Above-mentioned data processing end can calculate to the user journal of real-time collecting, and budget result in advance can be very fastPush Query Result, if not having budget to arrive in advance, recalculate.
Specifically, comprise the following steps:
S 101 real-time collecting user journal, selects to the user journal of real-time collecting, obtains effective user's dayWill, sets up the first data set.
S 102 is marked to the user journal in above-mentioned first data set, and the user journal after labelling sets up the second numberAccording to collection;Label symbol includes:Historical query field, query string, time, cluster name.

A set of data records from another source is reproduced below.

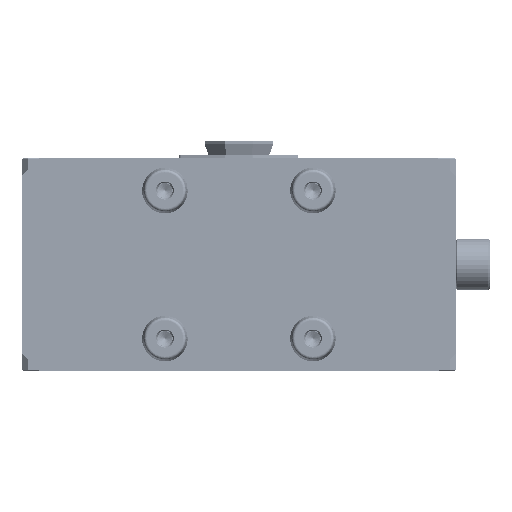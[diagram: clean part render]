
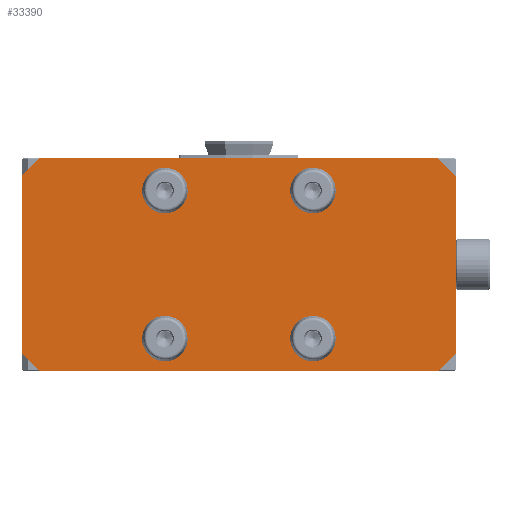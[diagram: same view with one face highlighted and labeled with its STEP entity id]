
A CAD part, front view. The second image highlights one B-rep face of the part: STEP entity #33390.
In plain terms, the highlighted planar face has unit normal (0, -1, 0).
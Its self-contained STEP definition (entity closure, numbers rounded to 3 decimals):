
#55 = DIRECTION ( 'NONE',  ( 0., 0., -1. ) ) ;
#387 = DIRECTION ( 'NONE',  ( 0., 0., -1. ) ) ;
#407 = DIRECTION ( 'NONE',  ( 0., -1., 0. ) ) ;
#581 = CARTESIAN_POINT ( 'NONE',  ( 26., -25., 32.008 ) ) ;
#1139 = AXIS2_PLACEMENT_3D ( 'NONE', #7708, #45037, #28744 ) ;
#1408 = VERTEX_POINT ( 'NONE', #45065 ) ;
#2927 = LINE ( 'NONE', #35524, #11138 ) ;
#3545 = CARTESIAN_POINT ( 'NONE',  ( -26., -25., 19.992 ) ) ;
#4275 = CARTESIAN_POINT ( 'NONE',  ( 26., -25., -32.008 ) ) ;
#4804 = DIRECTION ( 'NONE',  ( 0., 0., -1. ) ) ;
#4830 = EDGE_LOOP ( 'NONE', ( #35721, #26627, #56784, #34200, #11833, #70750, #66226, #49036 ) ) ;
#4983 = VERTEX_POINT ( 'NONE', #51757 ) ;
#5590 = AXIS2_PLACEMENT_3D ( 'NONE', #10202, #32313, #55 ) ;
#5965 = VERTEX_POINT ( 'NONE', #3545 ) ;
#6522 = CARTESIAN_POINT ( 'NONE',  ( -26., -25., 32.008 ) ) ;
#6725 = CARTESIAN_POINT ( 'NONE',  ( -69.85, -25., 37.5 ) ) ;
#7464 = ORIENTED_EDGE ( 'NONE', *, *, #39344, .F. ) ;
#7552 = AXIS2_PLACEMENT_3D ( 'NONE', #42391, #64491, #14863 ) ;
#7625 = DIRECTION ( 'NONE',  ( 0.707, 0., 0.707 ) ) ;
#7708 = CARTESIAN_POINT ( 'NONE',  ( -26., -25., 26. ) ) ;
#8160 = CARTESIAN_POINT ( 'NONE',  ( 26., -25., -19.992 ) ) ;
#10202 = CARTESIAN_POINT ( 'NONE',  ( 26., -25., -26. ) ) ;
#10648 = CARTESIAN_POINT ( 'NONE',  ( 76.2, -25., -31.15 ) ) ;
#10729 = VERTEX_POINT ( 'NONE', #6725 ) ;
#11138 = VECTOR ( 'NONE', #7625, 1000. ) ;
#11255 = DIRECTION ( 'NONE',  ( 0., 0., -1. ) ) ;
#11833 = ORIENTED_EDGE ( 'NONE', *, *, #47764, .F. ) ;
#13387 = LINE ( 'NONE', #56866, #70039 ) ;
#13484 = AXIS2_PLACEMENT_3D ( 'NONE', #60093, #59038, #69899 ) ;
#13556 = VECTOR ( 'NONE', #26063, 1000. ) ;
#13900 = CARTESIAN_POINT ( 'NONE',  ( -26., -25., -19.992 ) ) ;
#14489 = AXIS2_PLACEMENT_3D ( 'NONE', #14994, #54450, #4804 ) ;
#14863 = DIRECTION ( 'NONE',  ( 0., 0., -1. ) ) ;
#14994 = CARTESIAN_POINT ( 'NONE',  ( -26., -25., -26. ) ) ;
#16687 = PLANE ( 'NONE',  #31984 ) ;
#16781 = EDGE_CURVE ( 'NONE', #70839, #10729, #2927, .T. ) ;
#17229 = EDGE_LOOP ( 'NONE', ( #7464, #41635 ) ) ;
#17723 = EDGE_CURVE ( 'NONE', #10729, #50883, #25761, .T. ) ;
#17743 = DIRECTION ( 'NONE',  ( 0., -1., 0. ) ) ;
#18046 = EDGE_CURVE ( 'NONE', #25193, #64728, #56398, .T. ) ;
#18494 = EDGE_CURVE ( 'NONE', #46954, #4983, #40381, .T. ) ;
#19356 = VERTEX_POINT ( 'NONE', #581 ) ;
#19527 = DIRECTION ( 'NONE',  ( 0., 0., 1. ) ) ;
#21216 = ORIENTED_EDGE ( 'NONE', *, *, #22215, .F. ) ;
#22215 = EDGE_CURVE ( 'NONE', #69274, #54968, #46093, .T. ) ;
#22269 = CARTESIAN_POINT ( 'NONE',  ( -76.2, -25., -31.15 ) ) ;
#22463 = DIRECTION ( 'NONE',  ( 0., 0., -1. ) ) ;
#23037 = CARTESIAN_POINT ( 'NONE',  ( -76.2, -25., -31.15 ) ) ;
#23192 = CARTESIAN_POINT ( 'NONE',  ( -26., -25., 26. ) ) ;
#24534 = ORIENTED_EDGE ( 'NONE', *, *, #63989, .F. ) ;
#25193 = VERTEX_POINT ( 'NONE', #54386 ) ;
#25761 = LINE ( 'NONE', #64898, #48973 ) ;
#26063 = DIRECTION ( 'NONE',  ( 0., 0., -1. ) ) ;
#26318 = ORIENTED_EDGE ( 'NONE', *, *, #51114, .F. ) ;
#26466 = AXIS2_PLACEMENT_3D ( 'NONE', #29359, #34452, #39548 ) ;
#26627 = ORIENTED_EDGE ( 'NONE', *, *, #65718, .F. ) ;
#27212 = FACE_BOUND ( 'NONE', #48500, .T. ) ;
#27919 = FACE_BOUND ( 'NONE', #48991, .T. ) ;
#28744 = DIRECTION ( 'NONE',  ( 0., 0., -1. ) ) ;
#29142 = CARTESIAN_POINT ( 'NONE',  ( -69.85, -25., -37.5 ) ) ;
#29359 = CARTESIAN_POINT ( 'NONE',  ( 26., -25., 26. ) ) ;
#30228 = CARTESIAN_POINT ( 'NONE',  ( 76.2, -25., 31.15 ) ) ;
#31805 = ORIENTED_EDGE ( 'NONE', *, *, #62366, .F. ) ;
#31966 = EDGE_CURVE ( 'NONE', #5965, #49501, #41229, .T. ) ;
#31983 = ORIENTED_EDGE ( 'NONE', *, *, #44028, .F. ) ;
#31984 = AXIS2_PLACEMENT_3D ( 'NONE', #54743, #60891, #11255 ) ;
#32313 = DIRECTION ( 'NONE',  ( 0., -1., 0. ) ) ;
#33390 = ADVANCED_FACE ( 'NONE', ( #27919, #44574, #44210, #27212, #66307 ), #16687, .T. ) ;
#34200 = ORIENTED_EDGE ( 'NONE', *, *, #49865, .F. ) ;
#34452 = DIRECTION ( 'NONE',  ( 0., -1., 0. ) ) ;
#35524 = CARTESIAN_POINT ( 'NONE',  ( -69.85, -25., 37.5 ) ) ;
#35721 = ORIENTED_EDGE ( 'NONE', *, *, #18046, .F. ) ;
#36670 = CIRCLE ( 'NONE', #13484, 6.008 ) ;
#36866 = VECTOR ( 'NONE', #50146, 1000. ) ;
#36922 = CIRCLE ( 'NONE', #26466, 6.008 ) ;
#37523 = VECTOR ( 'NONE', #45430, 1000. ) ;
#38252 = EDGE_CURVE ( 'NONE', #19356, #1408, #47252, .T. ) ;
#39344 = EDGE_CURVE ( 'NONE', #1408, #19356, #36922, .T. ) ;
#39548 = DIRECTION ( 'NONE',  ( 0., 0., -1. ) ) ;
#40381 = LINE ( 'NONE', #45791, #37523 ) ;
#41229 = CIRCLE ( 'NONE', #48187, 6.008 ) ;
#41635 = ORIENTED_EDGE ( 'NONE', *, *, #38252, .F. ) ;
#41680 = CARTESIAN_POINT ( 'NONE',  ( 69.85, -25., 37.5 ) ) ;
#42391 = CARTESIAN_POINT ( 'NONE',  ( 26., -25., -26. ) ) ;
#42573 = VERTEX_POINT ( 'NONE', #55715 ) ;
#42799 = DIRECTION ( 'NONE',  ( 1., 0., 0. ) ) ;
#43436 = LINE ( 'NONE', #54325, #13556 ) ;
#44028 = EDGE_CURVE ( 'NONE', #49501, #5965, #49723, .T. ) ;
#44210 = FACE_BOUND ( 'NONE', #50249, .T. ) ;
#44574 = FACE_BOUND ( 'NONE', #17229, .T. ) ;
#45037 = DIRECTION ( 'NONE',  ( 0., -1., 0. ) ) ;
#45065 = CARTESIAN_POINT ( 'NONE',  ( 26., -25., 19.992 ) ) ;
#45430 = DIRECTION ( 'NONE',  ( -0.707, 0., -0.707 ) ) ;
#45620 = VERTEX_POINT ( 'NONE', #58791 ) ;
#45791 = CARTESIAN_POINT ( 'NONE',  ( 69.85, -25., -37.5 ) ) ;
#46093 = CIRCLE ( 'NONE', #5590, 6.008 ) ;
#46954 = VERTEX_POINT ( 'NONE', #10648 ) ;
#47252 = CIRCLE ( 'NONE', #68095, 6.008 ) ;
#47764 = EDGE_CURVE ( 'NONE', #50883, #45620, #62847, .T. ) ;
#48030 = CARTESIAN_POINT ( 'NONE',  ( -76.2, -25., 31.15 ) ) ;
#48187 = AXIS2_PLACEMENT_3D ( 'NONE', #23192, #407, #22463 ) ;
#48500 = EDGE_LOOP ( 'NONE', ( #64088, #31983 ) ) ;
#48973 = VECTOR ( 'NONE', #42799, 1000. ) ;
#48991 = EDGE_LOOP ( 'NONE', ( #24534, #31805 ) ) ;
#49036 = ORIENTED_EDGE ( 'NONE', *, *, #51613, .F. ) ;
#49501 = VERTEX_POINT ( 'NONE', #6522 ) ;
#49723 = CIRCLE ( 'NONE', #1139, 6.008 ) ;
#49865 = EDGE_CURVE ( 'NONE', #45620, #46954, #43436, .T. ) ;
#50146 = DIRECTION ( 'NONE',  ( -1., 0., 0. ) ) ;
#50249 = EDGE_LOOP ( 'NONE', ( #21216, #26318 ) ) ;
#50883 = VERTEX_POINT ( 'NONE', #41680 ) ;
#51114 = EDGE_CURVE ( 'NONE', #54968, #69274, #71165, .T. ) ;
#51613 = EDGE_CURVE ( 'NONE', #64728, #70839, #13387, .T. ) ;
#51757 = CARTESIAN_POINT ( 'NONE',  ( 69.85, -25., -37.5 ) ) ;
#52686 = DIRECTION ( 'NONE',  ( 0.707, 0., -0.707 ) ) ;
#54325 = CARTESIAN_POINT ( 'NONE',  ( 76.2, -25., -31.15 ) ) ;
#54386 = CARTESIAN_POINT ( 'NONE',  ( -69.85, -25., -37.5 ) ) ;
#54450 = DIRECTION ( 'NONE',  ( 0., -1., 0. ) ) ;
#54743 = CARTESIAN_POINT ( 'NONE',  ( 0., -25., 0. ) ) ;
#54968 = VERTEX_POINT ( 'NONE', #8160 ) ;
#55715 = CARTESIAN_POINT ( 'NONE',  ( -26., -25., -32.008 ) ) ;
#56398 = LINE ( 'NONE', #23037, #69884 ) ;
#56784 = ORIENTED_EDGE ( 'NONE', *, *, #18494, .F. ) ;
#56866 = CARTESIAN_POINT ( 'NONE',  ( -76.2, -25., 31.15 ) ) ;
#58791 = CARTESIAN_POINT ( 'NONE',  ( 76.2, -25., 31.15 ) ) ;
#59038 = DIRECTION ( 'NONE',  ( 0., -1., 0. ) ) ;
#60093 = CARTESIAN_POINT ( 'NONE',  ( -26., -25., -26. ) ) ;
#60888 = CARTESIAN_POINT ( 'NONE',  ( 26., -25., 26. ) ) ;
#60891 = DIRECTION ( 'NONE',  ( 0., -1., 0. ) ) ;
#61955 = CIRCLE ( 'NONE', #14489, 6.008 ) ;
#62021 = VECTOR ( 'NONE', #52686, 1000. ) ;
#62366 = EDGE_CURVE ( 'NONE', #70230, #42573, #61955, .T. ) ;
#62847 = LINE ( 'NONE', #30228, #62021 ) ;
#63989 = EDGE_CURVE ( 'NONE', #42573, #70230, #36670, .T. ) ;
#64088 = ORIENTED_EDGE ( 'NONE', *, *, #31966, .F. ) ;
#64491 = DIRECTION ( 'NONE',  ( 0., -1., 0. ) ) ;
#64728 = VERTEX_POINT ( 'NONE', #22269 ) ;
#64898 = CARTESIAN_POINT ( 'NONE',  ( 69.85, -25., 37.5 ) ) ;
#65718 = EDGE_CURVE ( 'NONE', #4983, #25193, #66453, .T. ) ;
#66226 = ORIENTED_EDGE ( 'NONE', *, *, #16781, .F. ) ;
#66307 = FACE_OUTER_BOUND ( 'NONE', #4830, .T. ) ;
#66453 = LINE ( 'NONE', #29142, #36866 ) ;
#67980 = DIRECTION ( 'NONE',  ( -0.707, 0., 0.707 ) ) ;
#68095 = AXIS2_PLACEMENT_3D ( 'NONE', #60888, #17743, #387 ) ;
#69274 = VERTEX_POINT ( 'NONE', #4275 ) ;
#69884 = VECTOR ( 'NONE', #67980, 1000. ) ;
#69899 = DIRECTION ( 'NONE',  ( 0., 0., -1. ) ) ;
#70039 = VECTOR ( 'NONE', #19527, 1000. ) ;
#70230 = VERTEX_POINT ( 'NONE', #13900 ) ;
#70750 = ORIENTED_EDGE ( 'NONE', *, *, #17723, .F. ) ;
#70839 = VERTEX_POINT ( 'NONE', #48030 ) ;
#71165 = CIRCLE ( 'NONE', #7552, 6.008 ) ;

S 103 carries out real-time budget in above-mentioned second data set, sets up dynamic budget data set;In advance at last according to historyInquire about the frequency of field and the source of user journal to calculate the probability that user inquires about again, and the big float according to probabilitySequence.
The inquiry field of user is mated by S 104 with the data in above-mentioned dynamic budget data set, what the match is successfulData will be pushed to user as Query Result, if it fails to match, carry out next step.
S 105 extracts from above-mentioned second data set and inquires about the user journal data that field has similarity, structure with userBuild the 3rd data set.
S 106 classifies to the user journal data in above-mentioned 3rd data set, by same or analogous inquiry fieldAs query string, or label symbol cluster identical user journal is classified, or enquiry frequency time identical userDaily record is classified, and above-mentioned sort module builds the 4th data set.
S 107 sets up linear regression model (LRM) according to rule searching, and the user journal with inquiry fields match is put into linearlyIn regression model, composite model after being processed, calculate the degree of association of each inquiry field.
S 108 inquires the user journal conduct matching with the inquiry field of user input in above-mentioned 4th data setQuery set, builds the 5th data set.
S 109, in above-mentioned 5th data set, is ranked up according to the degree of association that above-mentioned first data processing module obtainsProcess, finally determine that N number of result, as Query Result, is pushed to user.
Above-mentioned 1≤N≤10, N is integer.
Said method is the mode based on user journal, calculates in real time, can retrieval recommendation results quickly, this isThe budget module of system can shift to an earlier date budget result, then is mated by matching module, if the match is successful, directly pushes toUser, in advance budget result improve push result efficiency, without budget in advance to result, then calculated.
Described above to the disclosed embodiments, makes professional and technical personnel in the field be capable of or uses the present invention.Multiple modifications to these embodiments will be apparent from for those skilled in the art, as defined hereinGeneral Principle can be realized without departing from the spirit or scope of the present invention in other embodiments.Therefore, the present inventionIt is not intended to be limited to the embodiments shown herein, and be to fit to and principles disclosed herein and features of novelty phase oneThe scope the widest causing.